Sewer board member Betsy Yanez said that the district had upgraded its Zoom account to run longer meetings, and was not sure why the meeting kept ending. People also had trouble logging into the meeting altogether, and ultimately Wallace-Jones posted the link to the meeting in the Facebook group East Palo Alto Neighbors so people could watch and participate in the meeting.


  1. Despite the technical difficulties at our EPASD May 14 Special Board Meeting, The necessary work was accomplished by the decision makers at both EPASD and the City. I made the motion to direct Mr. Okupe to work with City staff to create the necessary documents to ensure that the City/Light Tree has a “Will Serve” letter, and that all proper engineering and construction work has been completed prior to the City allowing the new Light Tree to be occupied.
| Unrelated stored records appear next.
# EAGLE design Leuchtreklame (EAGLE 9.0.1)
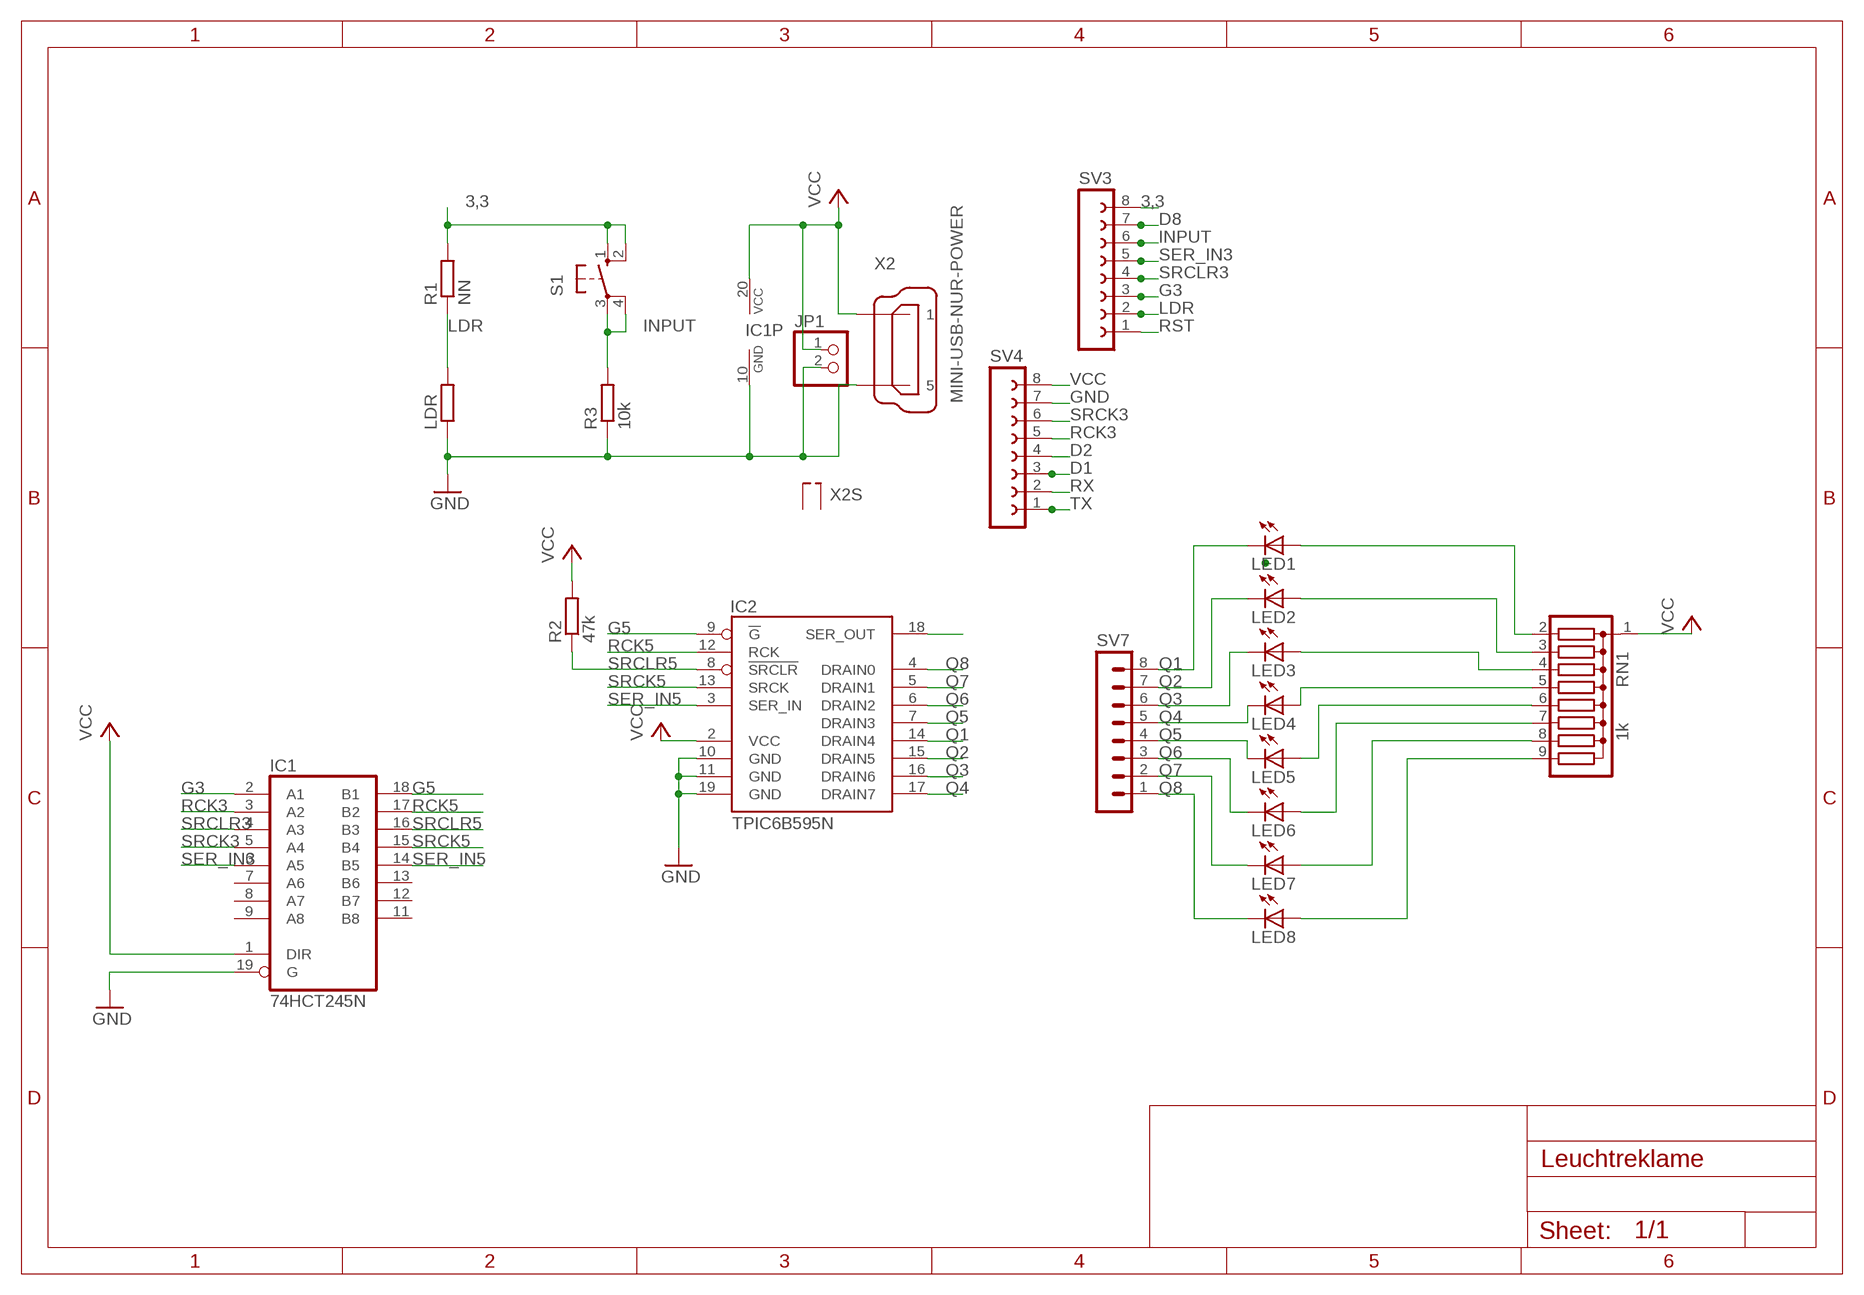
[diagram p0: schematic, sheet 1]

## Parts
IC1  74HCT245N  [DIL20]
IC2  TPIC6B595N  [DIL20]
JP1  PINHD-1X2  [1X02]
LDR  R-EU_0204/5  [0204/5]
LED1  LED3MM  [LED3MM]
LED2  LED3MM  [LED3MM]
LED3  LED3MM  [LED3MM]
LED4  LED3MM  [LED3MM]
LED5  LED3MM  [LED3MM]
LED6  LED3MM  [LED3MM]
LED7  LED3MM  [LED3MM]
LED8  LED3MM  [LED3MM]
R1  NN  R-EU_0207/10  [0207/10]
R2  47k  R-EU_0207/10  [0207/10]
R3  10k  R-EU_0207/10  [0207/10]
RN1  1k  G08R  [SIL9]
S1  10-XX  [B3F-10XX]
SV3  FE08-1  [FE08]
SV4  FE08-1  [FE08]
SV7  MA08-1  [MA08-1]
X2  MINI-USB-NUR-POWER  [MINI-USB-POWER]

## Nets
3,3: R1.2 S1.1(S) S1.2(S1) SV3.8
D1: SV4.3
D2: SV4.4
D8: SV3.7
G3: IC1.2(A1) SV3.3
G5: IC1.18(B1) IC2.9(!G)
GND: IC1.10(GND) IC1.19(G) IC2.10(GND) IC2.11(GND) IC2.19(GND) JP1.2 LDR.1 R3.1 SV4.7 X2.5
INPUT: R3.2 S1.3(P) S1.4(P1) SV3.6
LDR: LDR.2 R1.1 SV3.2
N$1: LED1.A RN1.2
N$2: LED2.A RN1.3
N$3: LED3.A RN1.4
N$4: LED4.A RN1.5
N$9: LED5.A RN1.6
N$11: LED6.A RN1.7
N$12: LED7.A RN1.8
N$13: IC2.18(SER_OUT)
N$14: LED8.A RN1.9
Q1: IC2.14(DRAIN4) LED1.K(C) SV7.8
Q2: IC2.15(DRAIN5) LED2.K(C) SV7.7
Q3: IC2.16(DRAIN6) LED3.K(C) SV7.6
Q4: IC2.17(DRAIN7) LED4.K(C) SV7.5
Q5: IC2.7(DRAIN3) LED5.K(C) SV7.4
Q6: IC2.6(DRAIN2) LED6.K(C) SV7.3
Q7: IC2.5(DRAIN1) LED7.K(C) SV7.2
Q8: IC2.4(DRAIN0) LED8.K(C) SV7.1
RCK3: IC1.3(A2) SV4.5
RCK5: IC1.17(B2) IC2.12(RCK)
RST: SV3.1
RX: SV4.2
SER_IN3: IC1.6(A5) SV3.5
SER_IN5: IC1.14(B5) IC2.3(SER_IN)
SRCK3: IC1.5(A4) SV4.6
SRCK5: IC1.15(B4) IC2.13(SRCK)
SRCLR3: IC1.4(A3) SV3.4
SRCLR5: IC1.16(B3) IC2.8(!SRCLR) R2.1
TX: SV4.1
VCC: IC1.1(DIR) IC1.20(VCC) IC2.2(VCC) JP1.1 R2.2 RN1.1 SV4.8 X2.1
Unconnected: IC1.7(A6) IC1.8(A7) IC1.9(A8) IC1.11(B8) IC1.12(B7) IC1.13(B6) X2.M1(S1) X2.M2(S2)

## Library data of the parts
IC1 = 74xx-eu:74*245: Octal BUS TRANSCEIVER, 3-state
IC2 = TPIC6B595:TPIC6B595
JP1 = 1a BK_Hennef:PINHD-1X2: PIN HEADER
LDR R1-R3 = 1a BK_Hennef:R-EU_: RESISTOR, European symbol
LED1-LED8 = 1a BK_Hennef:LED: LED
RN1 = resistor-sil:G08R: SIL RESISTOR; OC_FARNELL: unknown; OC_NEWARK: unknown
S1 = switch-omron:10-XX: OMRON SWITCH; MPN: B3F-1000; OC_FARNELL: 176432; OC_NEWARK: 36M3542
SV3 SV4 = con-lsta:FE08-1: FEMALE HEADER; OC_FARNELL: unknown; OC_NEWARK: unknown
SV7 = con-lstb:MA08-1: PIN HEADER; OC_FARNELL: unknown; OC_NEWARK: unknown
X2 = 1a BK_Hennef:MINI-USB-NUR-POWER: MINI USB-B R/A DIP 5pol. Reichelt Nr.: USB BWM

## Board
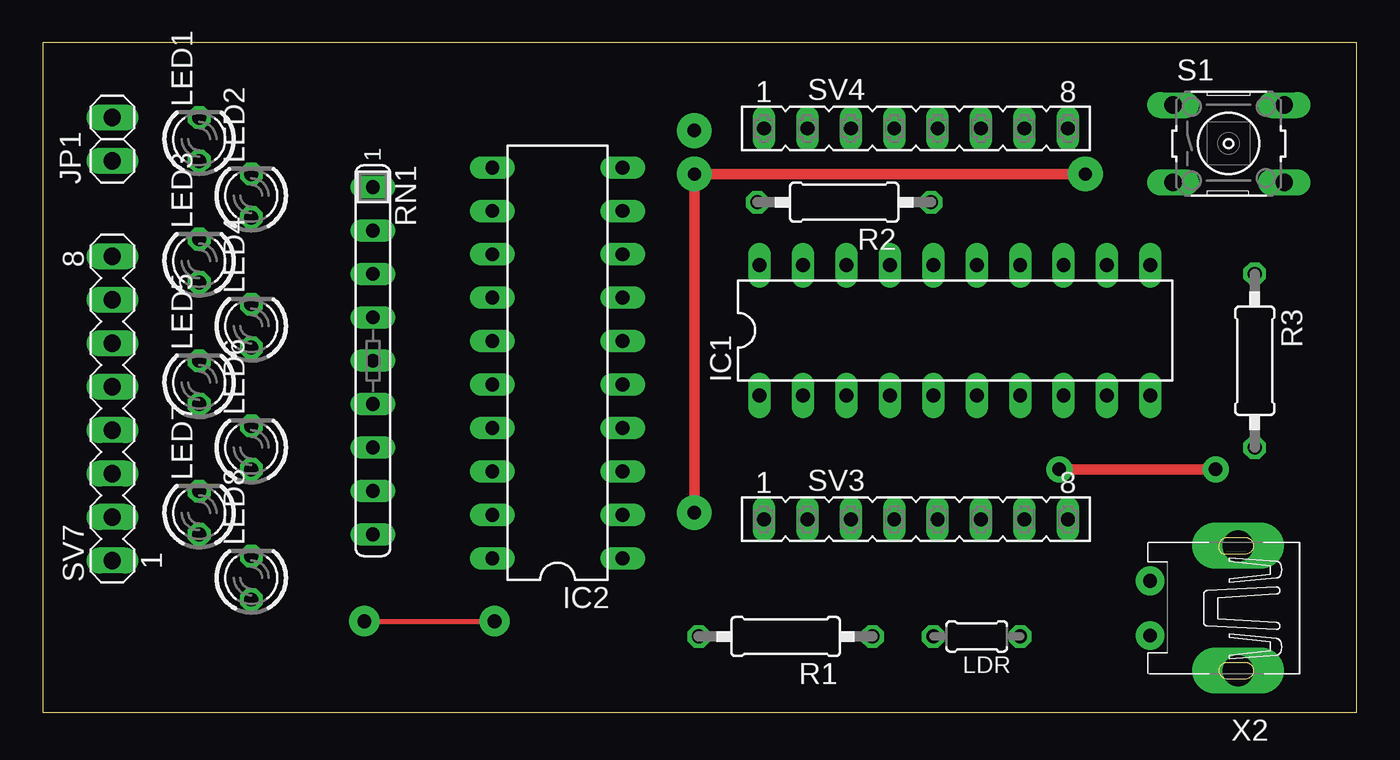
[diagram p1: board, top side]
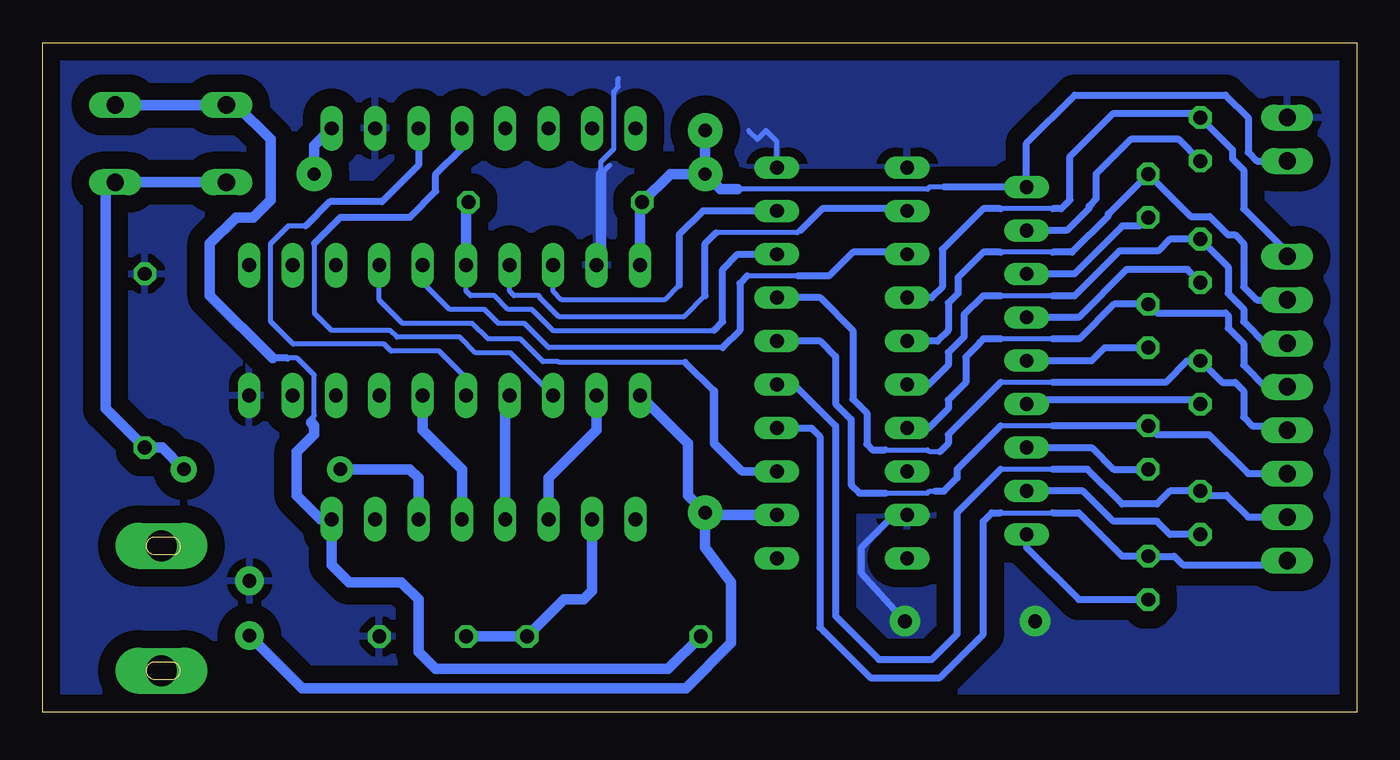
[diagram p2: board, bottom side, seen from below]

Size 76.83 x 39.17 mm. Coordinates in mm from the lower left corner, seen from the top.
Outline: 0,0 76.83,0 76.83,39.17 0,39.17 0,0
Copper layers (1*16): Top 0.035mm / dielectric 1.5mm / Bottom 0.035mm
Design rules "Bilex DRU *": minimum track width 12mil, minimum drill 30mil, track to track 20mil, track to pad 18mil, pad to pad 18mil, via to via 20mil, smd to smd 15mil, copper to edge 20mil, drill to drill 20mil, minimum pad ring 10mil, minimum via ring 8mil, stop-mask expansion 4mil, vias tented up to drill 0mil, thermal gap 20mil

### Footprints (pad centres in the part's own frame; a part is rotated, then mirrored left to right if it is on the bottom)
DIL20 = drill 0.813 long: 1 -11.43,-3.81; 2 -8.89,-3.81; 3 -6.35,-3.81; 4 -3.81,-3.81; 5 -1.27,-3.81; 6 1.27,-3.81; 7 3.81,-3.81; 8 6.35,-3.81; 9 8.89,-3.81; 10 11.43,-3.81; 11 11.43,3.81; 12 8.89,3.81; 13 6.35,3.81; 14 3.81,3.81; 15 1.27,3.81; 16 -1.27,3.81; 17 -3.81,3.81; 18 -6.35,3.81; 19 -8.89,3.81; 20 -11.43,3.81
1X02 = drill 1.016 long: 1 -1.27,0; 2 1.27,0
0204/5 = drill 0.813 octagon: 1 -2.54,0; 2 2.54,0
LED3MM = drill 0.813 octagon: A -1.27,0; K 1.27,0
0207/10 = drill 0.813 octagon: 1 -5.08,0; 2 5.08,0
SIL9 = drill 0.813 long: 1 -10.16,0; 2 -7.62,0; 3 -5.08,0; 4 -2.54,0; 5 0,0; 6 2.54,0; 7 5.08,0; 8 7.62,0; 9 10.16,0
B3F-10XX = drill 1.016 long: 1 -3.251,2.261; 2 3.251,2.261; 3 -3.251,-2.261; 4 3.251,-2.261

    It seems that we got together and created the means by which the City can retain $20 Million in State funds to be used for construction at the Light Tree. I expect that this will all be ratified at EPASD’s June 4 Regular Board Meeting.

    Additionally, I pledged support for an EPASD/City agreement that would set aside 100,000 gallons per day of EPASD capacity at the Palo Alto Regional Water Quality Control Plant. This reserve would be for low and very-low income housing only. Just as the massive proposed development will exhaust EPASD’s system capacity to transport wastewater, full build out of the City’s General Plan will demand more wastewater treatment capacity than EPASD owns at the treatment plant. The set aside will guaranteed that approximately 420 units of low/very-low income housing can be served without having to pay surcharge for new capacity, nor have to wait if treatment plant expansion is required. I intend to return this item to the June 4 EPASD agenda. Thank you.

  2. So Dennis what you’re saying is that the district, which originally wanted $4 million from the developers of this project, is now going to give away the sewer hook-up for free? How do other developers get that deal? Is this because it’s low-income housing? Has the district board established and voted upon a criteria for who gets free hook-ups? Is it based on the “goodness” of the developer. Will Priscilla Chan’s The Primary School, which is certainly built upon the intention of doing good, qualify for this freebee? The Sobrato family has given millions to the San Jose Diocese of the Catholic Church. Do they qualify for a free hookup?

    • It is illegal for EPASD to waive connection fees. We do not and have not waived connection fees. There are no freebies, it’s quite illegal, including the Light Tree Apartments.

      The core issue surrounding sewer service for the Light Tree expansion is a “Will-Serve” letter to be provided by EPASD, and what that letter is to say. Currently, Light Tree Apartments have 97 units. When future collection system needs are evaluated, a Will-Serve letter is easy to provide for 97 units. The capacity already exists for those units. There are no “free” units being given away

      The Light Tree project proposes adding 90 units in addition to those 97. These additional units will require connection fees. No waiver of these fees has been proposed, requested or discussed.

      Finally, EPASD does not require downstream infrastructure upgrade fees be paid to them. It is perfectly acceptable for the developer to finance and perform the construction. EPASD exercises engineering inspection and oversight of such construction within the District.

      I did propose that EPASD set aside 100,000 gallons per day of futuure treatment capacity for low/very-low income housing. Should the City’s development ambitions exceed the Palo Alto Regional Water Quality Control Plant’s wastewater treatment capabilities, acquiring additional treatment capacity will be an exceptional challenge. If the City wants the set-aside of treatment capacity for low/very-low income housing, I’m confident that the EPASD Board will approve it.